Por Alessandro Molon

Não tem sido fácil. Há mais de um ano luto pela votação do Projeto de Lei 2.126 de 2011, mais conhecido como Marco Civil da Internet. Em meio ao escândalo de espionagem que teria sido empregado pelos Estados Unidos, as atenções se voltaram novamente ao Marco Civil. De Brasília, tenho acompanhado as movimentações pela web pedindo sua votação, mas também algumas outras informações equivocadas que foram espalhadas, nem sempre acompanhadas de verificação.

Notei a menção específica a um trecho do texto: o parágrafo 2 do Artigo 15. Ao contrário do que está sendo sugerido, este parágrafo não foi resultado de uma mudança feita neste último mês, tampouco foi incluído sorrateiramente, “na calada da noite”, por grupos empresariais.

O trecho foi inserido no Projeto de Lei em novembro do ano passado, após pedido da ministra da Cultura, e amplamente divulgado na época.
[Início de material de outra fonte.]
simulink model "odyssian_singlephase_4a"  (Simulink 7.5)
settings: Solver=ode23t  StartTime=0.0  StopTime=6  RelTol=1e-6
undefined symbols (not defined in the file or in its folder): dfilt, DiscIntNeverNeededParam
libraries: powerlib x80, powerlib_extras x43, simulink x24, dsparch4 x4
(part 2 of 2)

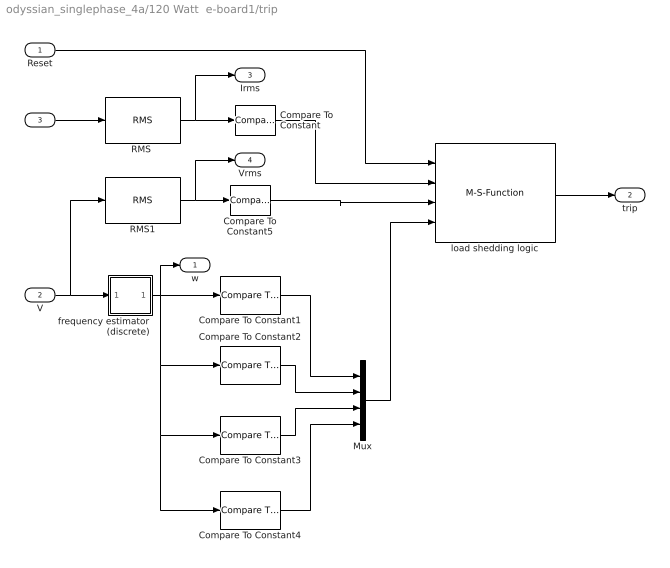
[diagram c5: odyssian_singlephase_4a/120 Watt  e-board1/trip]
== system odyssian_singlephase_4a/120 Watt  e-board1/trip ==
  Reset : Inport
  V : Inport  Port=2
  I : Inport  Port=3
  Compare To Constant : simulink/Logic and Bit Operations/Compare To Constant  SystemSampleTime=-1  relop=>=  const=100  LogicOutDataTypeMode=boolean
  Compare To Constant1 : simulink/Logic and Bit Operations/Compare To Constant  SystemSampleTime=-1  relop=<=  const=59.8  LogicOutDataTypeMode=boolean
  Compare To Constant2 : simulink/Logic and Bit Operations/Compare To Constant  SystemSampleTime=-1  relop=<=  const=59.5  LogicOutDataTypeMode=boolean
  Compare To Constant3 : simulink/Logic and Bit Operations/Compare To Constant  SystemSampleTime=-1  relop=>=  const=60.1  LogicOutDataTypeMode=boolean
  Compare To Constant4 : simulink/Logic and Bit Operations/Compare To Constant  SystemSampleTime=-1  relop=<=  const=58.6  LogicOutDataTypeMode=boolean
  Compare To Constant5 : simulink/Logic and Bit Operations/Compare To Constant  SystemSampleTime=-1  relop=<=  const=100  LogicOutDataTypeMode=boolean
  Mux : Mux
  "RMS " : powerlib_extras/Measurements/RMS  DialogController=POWERSYS.PowerSysDialog  SystemSampleTime=-1  f1=60
  RMS1 : powerlib_extras/Measurements/RMS  DialogController=POWERSYS.PowerSysDialog  SystemSampleTime=-1  f1=60
  frequency estimator (discrete) : Subsystem  mask{dt=0.010}
      mask prompts: dt "sample time"
  load shedding logic : M-S-Function  FunctionName=load_shedding_logic  Parameters=p
  w : Outport  OutDataType=fixdt(1, 16)  OutScaling=2^0
  trip : Outport  Port=2
  Irms : Outport  Port=3  OutDataType=fixdt(1, 16)  OutScaling=2^0
  Vrms : Outport  Port=4  OutDataType=fixdt(1, 16)  OutScaling=2^0
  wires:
  "RMS "/1 -> Compare To Constant/1, Irms/1
  I/1 -> "RMS "/1
  Reset/1 -> load shedding logic/1
  Compare To Constant/1 -> load shedding logic/2
  load shedding logic/1 -> trip/1
  V/1 -> frequency estimator (discrete)/1(v), RMS1/1
  frequency estimator (discrete)/1(w) -> Compare To Constant1/1, w/1, Compare To Constant2/1, Compare To Constant3/1, Compare To Constant4/1
  Compare To Constant1/1 -> Mux/1
  Compare To Constant2/1 -> Mux/2
  Compare To Constant3/1 -> Mux/3
  Compare To Constant4/1 -> Mux/4
  RMS1/1 -> Compare To Constant5/1, Vrms/1
  Compare To Constant5/1 -> load shedding logic/3
  Mux/1 -> load shedding logic/4

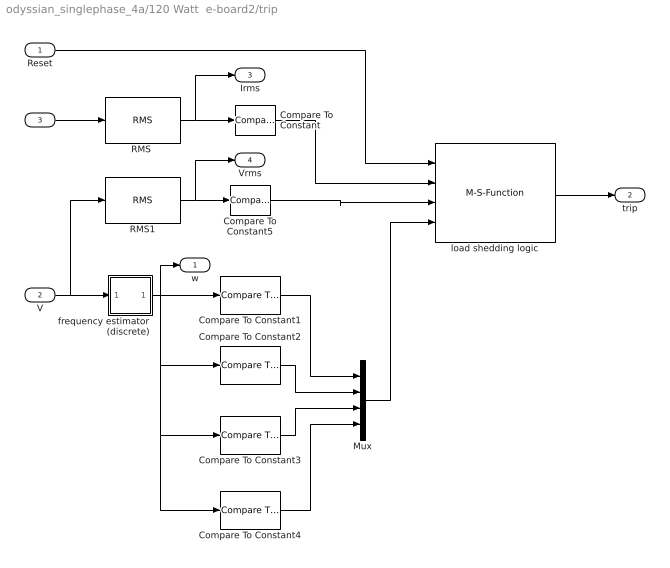
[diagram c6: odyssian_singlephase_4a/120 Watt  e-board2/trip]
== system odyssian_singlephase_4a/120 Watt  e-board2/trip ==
  Reset : Inport
  V : Inport  Port=2
  I : Inport  Port=3
  Compare To Constant : simulink/Logic and Bit Operations/Compare To Constant  SystemSampleTime=-1  relop=>=  const=100  LogicOutDataTypeMode=boolean
  Compare To Constant1 : simulink/Logic and Bit Operations/Compare To Constant  SystemSampleTime=-1  relop=<=  const=59.8  LogicOutDataTypeMode=boolean
  Compare To Constant2 : simulink/Logic and Bit Operations/Compare To Constant  SystemSampleTime=-1  relop=<=  const=59.5  LogicOutDataTypeMode=boolean
  Compare To Constant3 : simulink/Logic and Bit Operations/Compare To Constant  SystemSampleTime=-1  relop=>=  const=60.1  LogicOutDataTypeMode=boolean
  Compare To Constant4 : simulink/Logic and Bit Operations/Compare To Constant  SystemSampleTime=-1  relop=<=  const=58.6  LogicOutDataTypeMode=boolean
  Compare To Constant5 : simulink/Logic and Bit Operations/Compare To Constant  SystemSampleTime=-1  relop=<=  const=100  LogicOutDataTypeMode=boolean
  Mux : Mux
  "RMS " : powerlib_extras/Measurements/RMS  DialogController=POWERSYS.PowerSysDialog  SystemSampleTime=-1  f1=60
  RMS1 : powerlib_extras/Measurements/RMS  DialogController=POWERSYS.PowerSysDialog  SystemSampleTime=-1  f1=60
  frequency estimator (discrete) : Subsystem  mask{dt=0.010}
      mask prompts: dt "sample time"
  load shedding logic : M-S-Function  FunctionName=load_shedding_logic  Parameters=p
  w : Outport  OutDataType=fixdt(1, 16)  OutScaling=2^0
  trip : Outport  Port=2
  Irms : Outport  Port=3  OutDataType=fixdt(1, 16)  OutScaling=2^0
  Vrms : Outport  Port=4  OutDataType=fixdt(1, 16)  OutScaling=2^0
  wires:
  "RMS "/1 -> Compare To Constant/1, Irms/1
  I/1 -> "RMS "/1
  Reset/1 -> load shedding logic/1
  Compare To Constant/1 -> load shedding logic/2
  load shedding logic/1 -> trip/1
  V/1 -> frequency estimator (discrete)/1(v), RMS1/1
  frequency estimator (discrete)/1(w) -> Compare To Constant1/1, w/1, Compare To Constant2/1, Compare To Constant3/1, Compare To Constant4/1
  Compare To Constant1/1 -> Mux/1
  Compare To Constant2/1 -> Mux/2
  Compare To Constant3/1 -> Mux/3
  Compare To Constant4/1 -> Mux/4
  RMS1/1 -> Compare To Constant5/1, Vrms/1
  Compare To Constant5/1 -> load shedding logic/3
  Mux/1 -> load shedding logic/4

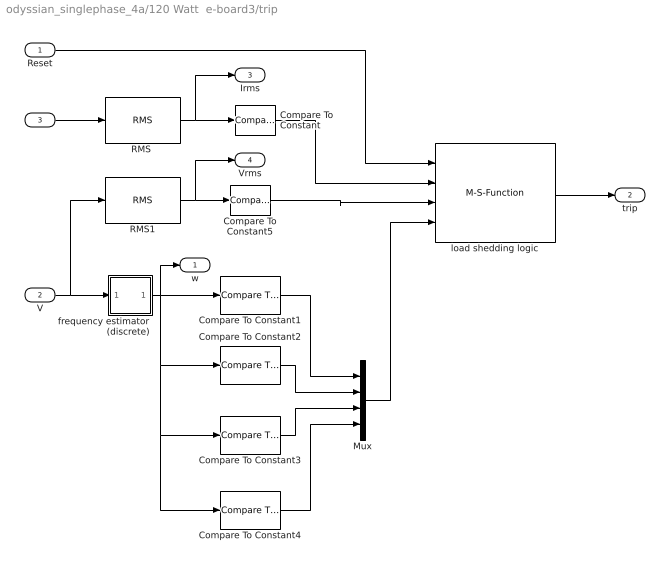
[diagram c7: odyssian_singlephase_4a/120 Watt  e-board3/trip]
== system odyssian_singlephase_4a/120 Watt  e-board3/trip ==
  Reset : Inport
  V : Inport  Port=2
  I : Inport  Port=3
  Compare To Constant : simulink/Logic and Bit Operations/Compare To Constant  SystemSampleTime=-1  relop=>=  const=100  LogicOutDataTypeMode=boolean
  Compare To Constant1 : simulink/Logic and Bit Operations/Compare To Constant  SystemSampleTime=-1  relop=<=  const=59.8  LogicOutDataTypeMode=boolean
  Compare To Constant2 : simulink/Logic and Bit Operations/Compare To Constant  SystemSampleTime=-1  relop=<=  const=59.5  LogicOutDataTypeMode=boolean
  Compare To Constant3 : simulink/Logic and Bit Operations/Compare To Constant  SystemSampleTime=-1  relop=>=  const=60.1  LogicOutDataTypeMode=boolean
  Compare To Constant4 : simulink/Logic and Bit Operations/Compare To Constant  SystemSampleTime=-1  relop=<=  const=58.6  LogicOutDataTypeMode=boolean
  Compare To Constant5 : simulink/Logic and Bit Operations/Compare To Constant  SystemSampleTime=-1  relop=<=  const=100  LogicOutDataTypeMode=boolean
  Mux : Mux
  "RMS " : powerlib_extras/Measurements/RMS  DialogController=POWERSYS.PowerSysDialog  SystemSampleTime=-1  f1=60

Ele não altera em nada o que já é feito atualmente na internet em relação a conteúdo protegido por direito autoral. Diante da preocupação de que o projeto de lei alterasse, sem a devida discussão, a disciplina de proteção aos direitos autorais, o parágrafo inserido deixava claro que isto não aconteceria. Apenas isso. No fundo, é o contrário do que se propaga: sem a menção, poder-se-ia entender que o projeto alterava a proteção de direitos autorais e o parágrafo inserido deixou claro que não altera. Por ser um tema complexo, todas as nuances do direito autoral serão apreciadas e debatidas, democraticamente, num Projeto de Lei próprio, que reformará a legislação atual. A última informação que tive é de que este texto será enviado à Câmara dos Deputados em breve pelo Executivo.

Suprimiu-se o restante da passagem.